Source records
◆ ◆ ◆ ◆ ◆
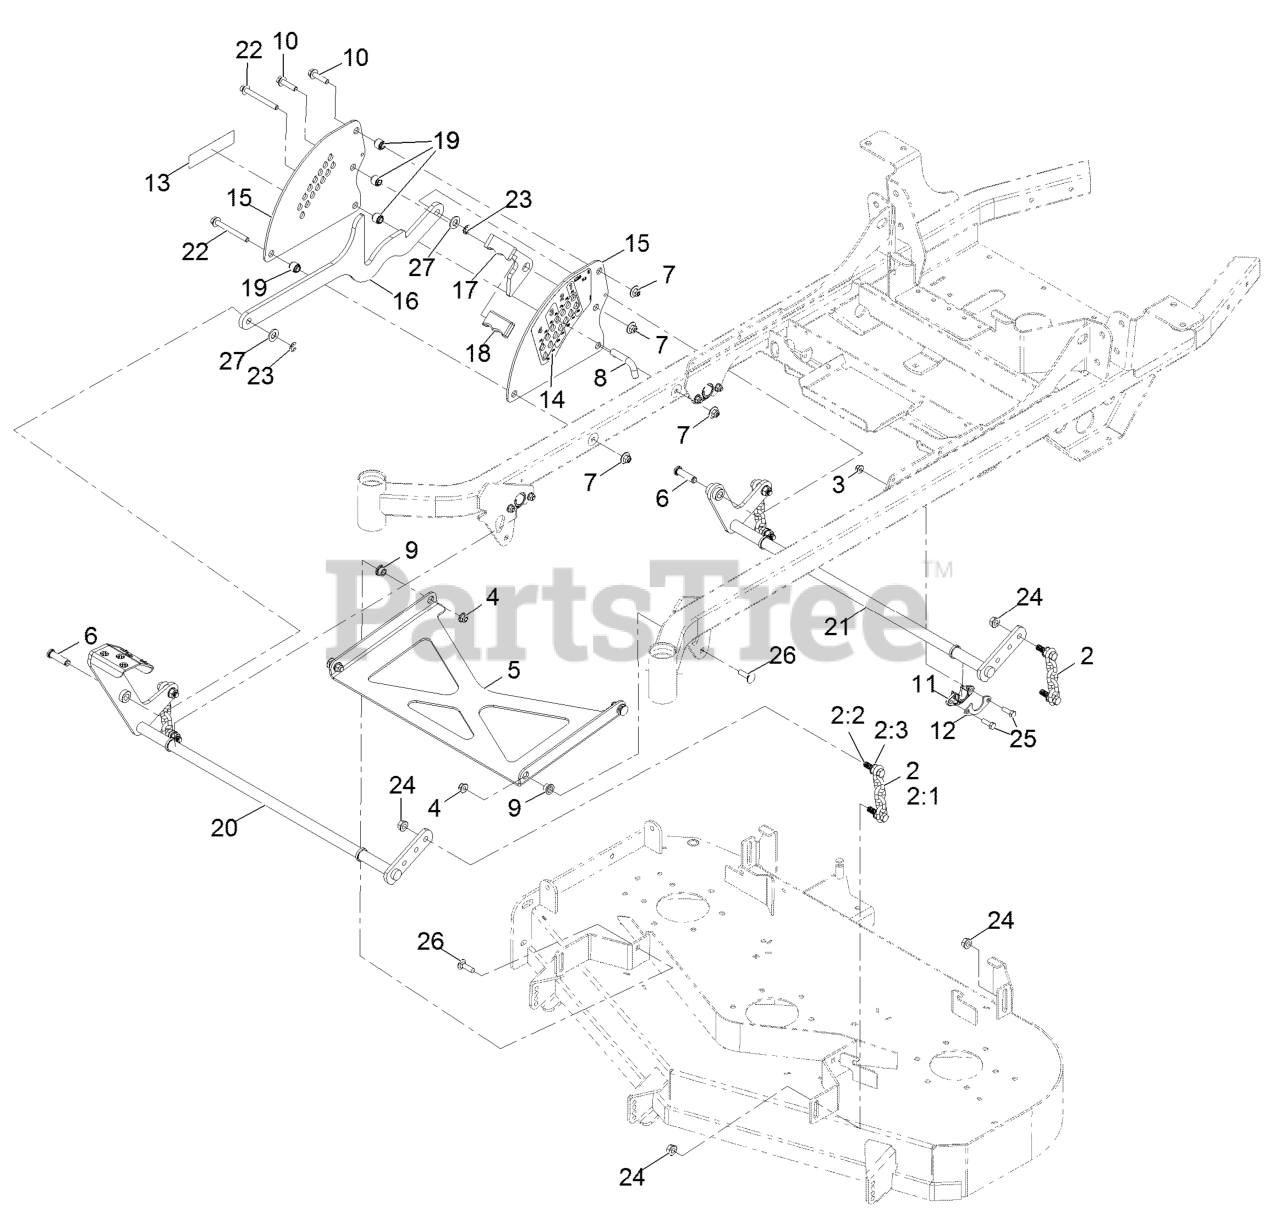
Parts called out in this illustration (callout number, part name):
2	DECK CHAIN ASM
2:1	CHAIN-LIFT, DECK
2:2	SCREW-HH
3	NUT-HF, NI
4	NUT-HF, NI
5	STRUT-DECK
6	PIN-CLEVIS
7	Nut-Nyloc 3/8-16 Flg
8	PIN-HOC
9	BUSHING-FLANGED
10	SCREW-HHF
11	BUSHING-FLANGE
12	GUSSET-LIFT, DECK
13	DECAL-S-SERIES
14	DECAL-HEIGHT OF CUT
15	PLATE,DECK LIFT
17	TRANSPORT LOCK-HOC
18	GRIP-FLAT
19	SPACER-STEP, DOUBLE
20	WLD-DECK LIFT SHAFT FRT
21	WLD-DECK LIFT SHAFT RR
22	SCREW-HHF
23	RING-RETAINING, EXTERNAL
25	SCREW-HH
26	BOLT-CARR
27	WASHER-FLAT
◆ ◆ ◆ ◆ ◆
**Exercise**
Reprint all the data above verbatim, excluding pictures.

**Task answer**
Parts called out in this illustration (callout number, part name):
2	DECK CHAIN ASM
2:1	CHAIN-LIFT, DECK
2:2	SCREW-HH
3	NUT-HF, NI
4	NUT-HF, NI
5	STRUT-DECK
6	PIN-CLEVIS
7	Nut-Nyloc 3/8-16 Flg
8	PIN-HOC
9	BUSHING-FLANGED
10	SCREW-HHF
11	BUSHING-FLANGE
12	GUSSET-LIFT, DECK
13	DECAL-S-SERIES
14	DECAL-HEIGHT OF CUT
15	PLATE,DECK LIFT
17	TRANSPORT LOCK-HOC
18	GRIP-FLAT
19	SPACER-STEP, DOUBLE
20	WLD-DECK LIFT SHAFT FRT
21	WLD-DECK LIFT SHAFT RR
22	SCREW-HHF
23	RING-RETAINING, EXTERNAL
25	SCREW-HH
26	BOLT-CARR
27	WASHER-FLAT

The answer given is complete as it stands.